The answer should hold exactly the lines of the entries below from the one containing "11.176,58.42 r90 top" through the last line, both included.

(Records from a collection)
○ ○ ○ ○ ○

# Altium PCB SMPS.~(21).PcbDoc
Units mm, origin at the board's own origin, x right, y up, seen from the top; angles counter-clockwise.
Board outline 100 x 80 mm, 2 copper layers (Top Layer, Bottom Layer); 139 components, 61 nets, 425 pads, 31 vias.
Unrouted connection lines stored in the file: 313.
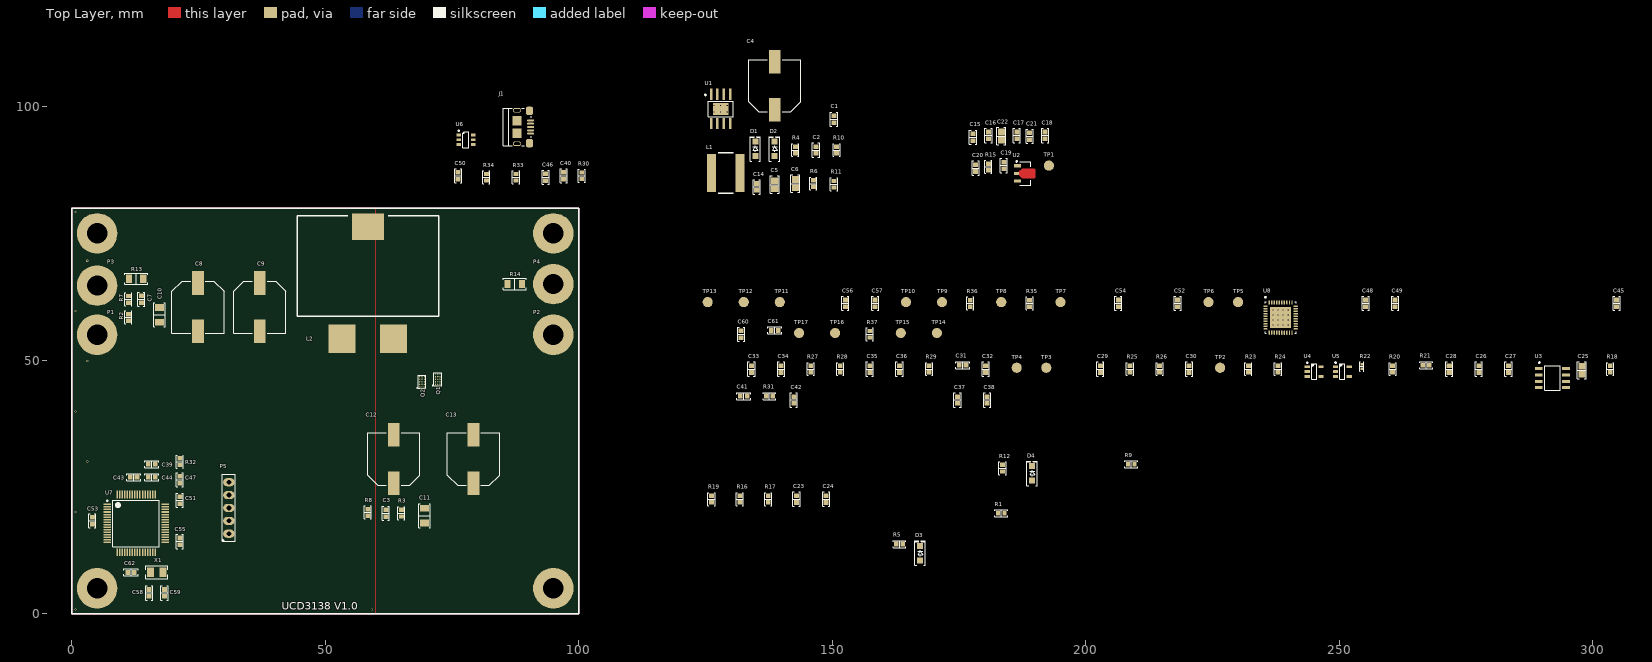
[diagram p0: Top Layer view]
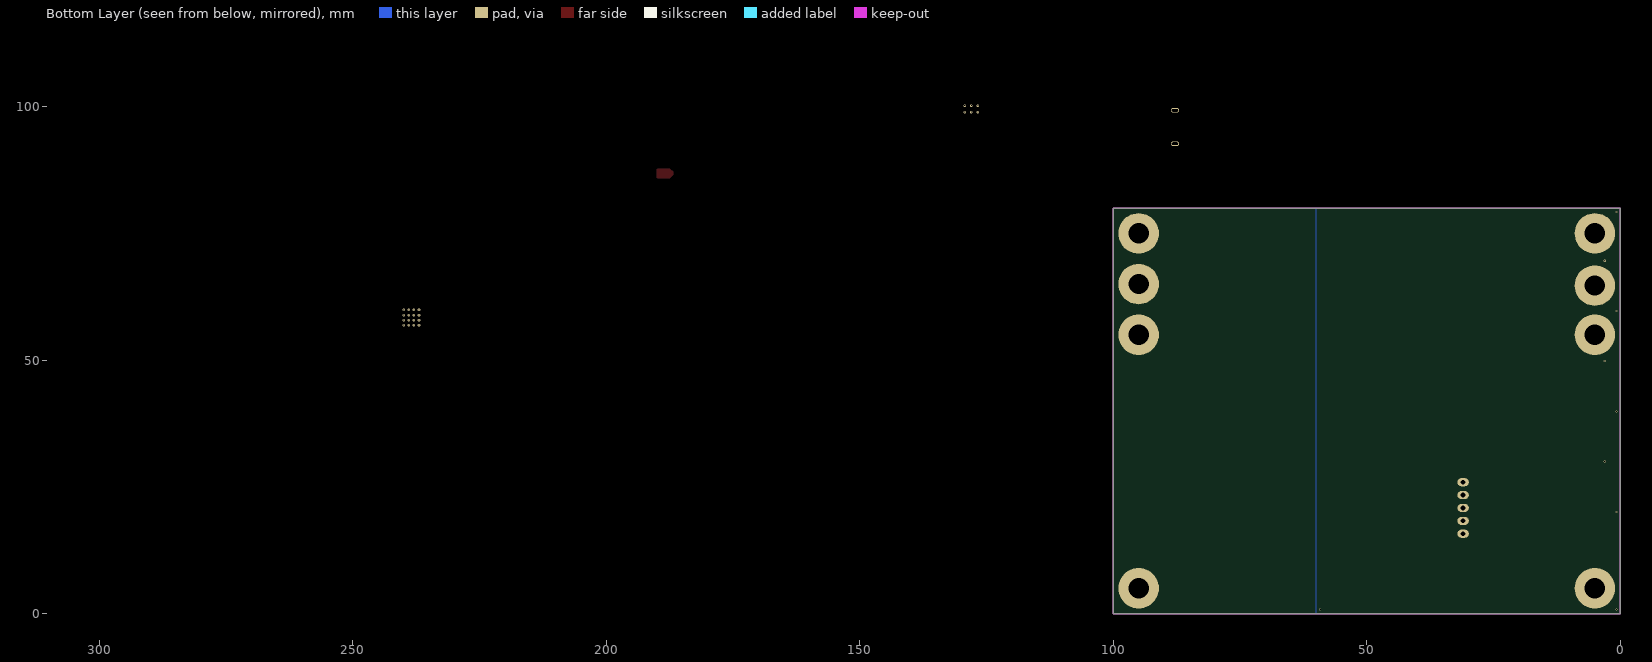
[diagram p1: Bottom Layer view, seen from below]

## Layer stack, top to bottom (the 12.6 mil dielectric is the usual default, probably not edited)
Top Solder: solder mask 0.0102, Solder Resist, Dk 3.5
Top Layer: signal copper 0.0356
Dielectric 1: dielectric 0.32, FR-4, Dk 4.8
Bottom Layer: signal copper 0.0356
Bottom Solder: solder mask 0.0102, Solder Resist, Dk 3.5

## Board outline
0,0 0,80 100,80 100,0

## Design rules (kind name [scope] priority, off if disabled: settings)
Clearance [All] p1: gap=0.254 ignorepadtopadclearanceinfootprint=FALSE except(0: Arc-Hole Track-Hole SMDPad-Hole THPad-Hole Via-Hole Fill-Hole Poly-Hole Region-Hole Text-Hole; 0.178: SMDPad-SMDPad; 0.203: Track-SMDPad; 0.229: Arc-Arc Arc-Track Arc-SMDPad Track-Track; 0.508: THPad-THPad)
ComponentClearance U1 [InComponent('U1')] p1: gap=0.508 collisioncheckmode=3 verticalgap=0 showdistances=TRUE
ComponentClearance [All] p2: gap=0.5 collisioncheckmode=3 verticalgap=0.1 showdistances=TRUE
Height [All] p1: minheight=0 maxheight=50.8 prefheight=12.7
HoleSize [All] p1: absolutevalues=TRUE maxlimit=10 minlimit=0.2 maxpercent=80.000 minpercent=20.000
MinimumSolderMaskSliver [All] p1: minsoldermaskwidth=0.025
PlaneClearance [All] p1: clearance=0.254
PlaneConnect [All] p1: planeconnectstyle=Direct reliefexpansion=0.508 reliefentries=4 reliefconductorwidth=0.508 reliefairgap=0.508
PolygonConnect GND [InNet('GND')] p1: connectstyle=Direct reliefconductorwidth=0.254 reliefentries=4 polygonreliefangle="90 Angle" airgapwidth=0.254
PolygonConnect DirectConnect [All] p2: connectstyle=Direct reliefconductorwidth=0.254 reliefentries=4 polygonreliefangle="90 Angle" airgapwidth=0.254
RoutingVias [All] p1: holewidth=0.2 width=0.8 viastyle="Through Hole" minholewidth=0.2 minwidth=0.4 maxholewidth=0.4 maxwidth=0.8
SilkToSilkClearance [All] p1: silktosilkclearance=0
SolderMaskExpansion [All] p1: expansion=0.102
Width [All] p1: maxlimit=12.7 minlimit=0.254 preferedwidth=0.254
23 further rules are at their usual default settings.

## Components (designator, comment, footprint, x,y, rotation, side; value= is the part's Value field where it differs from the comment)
C1 "10nF" C0603 150.368,97.536 r90 top
C2 "1nF" C0603 146.812,91.44 r90 top
C3 "10nF" C0603 61.976,19.812 r270 top
C4 "47µF 80V" "CAP ALUM 10.3MM" 138.684,104.14 r90 top
C5 "10µF 16V" C0805 138.684,84.62 r90 top
C6 "10µF 16V" C0805 142.748,84.836 r90 top
C7 "10nF" C0603 13.716,61.976 r270 top
C8 "47µF 80V" "CAP ALUM 10.3MM" 24.892,60.452 r270 top
C9 "47µF 80V" "CAP ALUM 10.3MM" 37.084,60.452 r270 top
C10 "1µF 80V" C1206 17.272,58.928 r270 top
C11 "1µF 80V" C1206 69.596,19.304 r270 top
C12 "47µF 80V" "CAP ALUM 10.3MM" 63.5,30.48 r90 top
C13 "47µF 80V" "CAP ALUM 10.3MM" 79.248,30.48 r90 top
C14 "47pF" C0603 135.128,84.161 r90 top
C15 "10µF" C0603 177.8,93.98 r90 top
C16 "100nF" C0603 180.848,94.321 r90 top
C17 "10nF" C0603 186.436,94.321 r90 top
C18 "10µF" C0603 192.024,94.321 r90 top
C19 "100nF" C0603 183.896,88.392 r90 top
C20 "10nF" C0603 178.308,87.884 r90 top
C21 "100nF 16V" C0603 188.976,94.147 r90 top
C22 "1µF 16V" C0805 183.388,94.196 r90 top
C23 "22pF" C0603 142.974,22.578 r90 top
C24 "22pF" C0603 148.816,22.578 r90 top
C25 "10µF 16V" C0805 297.914,47.978 r90 top
C26 "33pF" C0603 277.594,48.232 r90 top
C27 "33pF" C0603 283.436,48.232 r90 top
C28 "1µF 16V" C0603 271.752,48.232 r90 top
C29 "22pF" C0603 202.918,48.232 r90 top
C30 "22pF" C0603 220.444,48.232 r90 top
C31 "1µF" C0603 175.74,48.994 r0 top
C32 "1µF" C0603 180.312,48.232 r90 top
C33 "100nF" C0603 134.084,48.232 r90 top
C34 "22pF" C0603 139.926,48.232 r90 top
C35 "22pF" C0603 157.452,48.232 r90 top
C36 "100nF" C0603 163.294,48.232 r90 top
C37 "4.7µF" C0603 174.724,42.136 r90 top
C38 "4.7µF" C0603 180.566,42.136 r90 top
C39 "4.7µF" C0603 15.748,29.464 r180 top
C40 "47pF" C0603 97.056,86.36 r90 top
C41 "10nF" C0603 132.56,42.898 r0 top
C42 "10nF" C0603 142.466,42.136 r90 top
C43 "100nF" C0603 12.192,26.924 r180 top
C44 "100nF" C0603 15.748,26.924 r180 top
C45 "1µF" C0603 304.772,61.186 r90 top
C46 "10nF" C0603 93.472,86.078 r90 top
C47 "100nF" C0603 21.336,26.416 r90 top
C48 "2.2µF" C0603 255.242,61.186 r90 top
C49 "10nF" C0603 261.084,61.186 r90 top
C50 "47pF" C0603 76.228,86.36 r90 top
C51 "100nF" C0603 21.336,22.352 r90 top
C52 "1nF" C0603 218.158,61.186 r90 top
C53 "100nF" C0603 4.064,18.288 r90 top
C54 "1nF" C0603 206.474,61.186 r90 top
C55 "100nF" C0603 21.336,14.224 r90 top
C56 "33pF" C0603 152.626,61.186 r90 top
C57 "33pF" C0603 158.468,61.186 r90 top
C58 "26pF" C0603 15.24,4.064 r90 top
C59 "26pF" C0603 18.288,4.064 r90 top
C60 "2.2µF" C0603 132.052,55.09 r90 top
C61 "1µF" C0603 138.656,55.852 r0 top
C62 "1µF" C0603 11.684,8.128 r180 top
D1 "DSS120UTR" SOD123F 134.846,91.666 r90 top
D2 "DSS120UTR" SOD123F 138.656,91.666 r90 top
D3 "DSS120UTR" SOD123F 167.358,11.91 r90 top
D4 "DSS120UTR" SOD123F 189.456,27.658 r90 top
J1 "10118192-0001LF" "FCI USB 10118193-0001LF" 87.884,95.984 r90 top
L1 "NR8040T220M" SELF_SMD_8x8 129.032,86.868 r0 top
L2 "PQ2617BHA-220K" SELF_SMD_PQ2617 58.42,68.58 r0 top
P1 "PTH" HOLE_4 5,55 r0 top
P2 "PTH" HOLE_4 95,55 r0 top
P3 "PTH" HOLE_4 5,64.703 r0 top
P4 "PTH" HOLE_4 95,65 r0 top
P5 "5x2.54" "SAMTEC SSW-105-03-T-S" 30.988,20.828 r90 top
Q1 "EPC2045" EPC2045 72.194,46.228 r90 top
Q2 "EPC2045" EPC2045 69.088,45.72 r90 top
R1 "5R11" R0603 183.36,19.784 r0 top
R2 "21.5k 0.1%" R0603 11.176,58.42 r90 top
R3 "21.5k 0.1%" R0603 65.024,19.812 r270 top
R4 "249k" R0603 142.748,91.44 r90 top
R5 "10k" R0603 163.294,13.688 r0 top
R6 "91k" R0603 146.304,84.836 r90 top
R7 "1k 0.1%" R0603 11.176,61.976 r90 top
R8 "1k 0.1%" R0603 58.42,19.954 r90 top
R9 "5R11" R0603 209.014,29.436 r0 top
R10 "30.1k" R0603 150.876,91.44 r90 top
R11 "10k" R0603 150.368,84.694 r90 top
R12 "10k" R0603 183.614,28.674 r90 top
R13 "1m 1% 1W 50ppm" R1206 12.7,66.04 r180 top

○ ○ ○ ○ ○

• **Output below**
R2 "21.5k 0.1%" R0603 11.176,58.42 r90 top
R3 "21.5k 0.1%" R0603 65.024,19.812 r270 top
R4 "249k" R0603 142.748,91.44 r90 top
R5 "10k" R0603 163.294,13.688 r0 top
R6 "91k" R0603 146.304,84.836 r90 top
R7 "1k 0.1%" R0603 11.176,61.976 r90 top
R8 "1k 0.1%" R0603 58.42,19.954 r90 top
R9 "5R11" R0603 209.014,29.436 r0 top
R10 "30.1k" R0603 150.876,91.44 r90 top
R11 "10k" R0603 150.368,84.694 r90 top
R12 "10k" R0603 183.614,28.674 r90 top
R13 "1m 1% 1W 50ppm" R1206 12.7,66.04 r180 top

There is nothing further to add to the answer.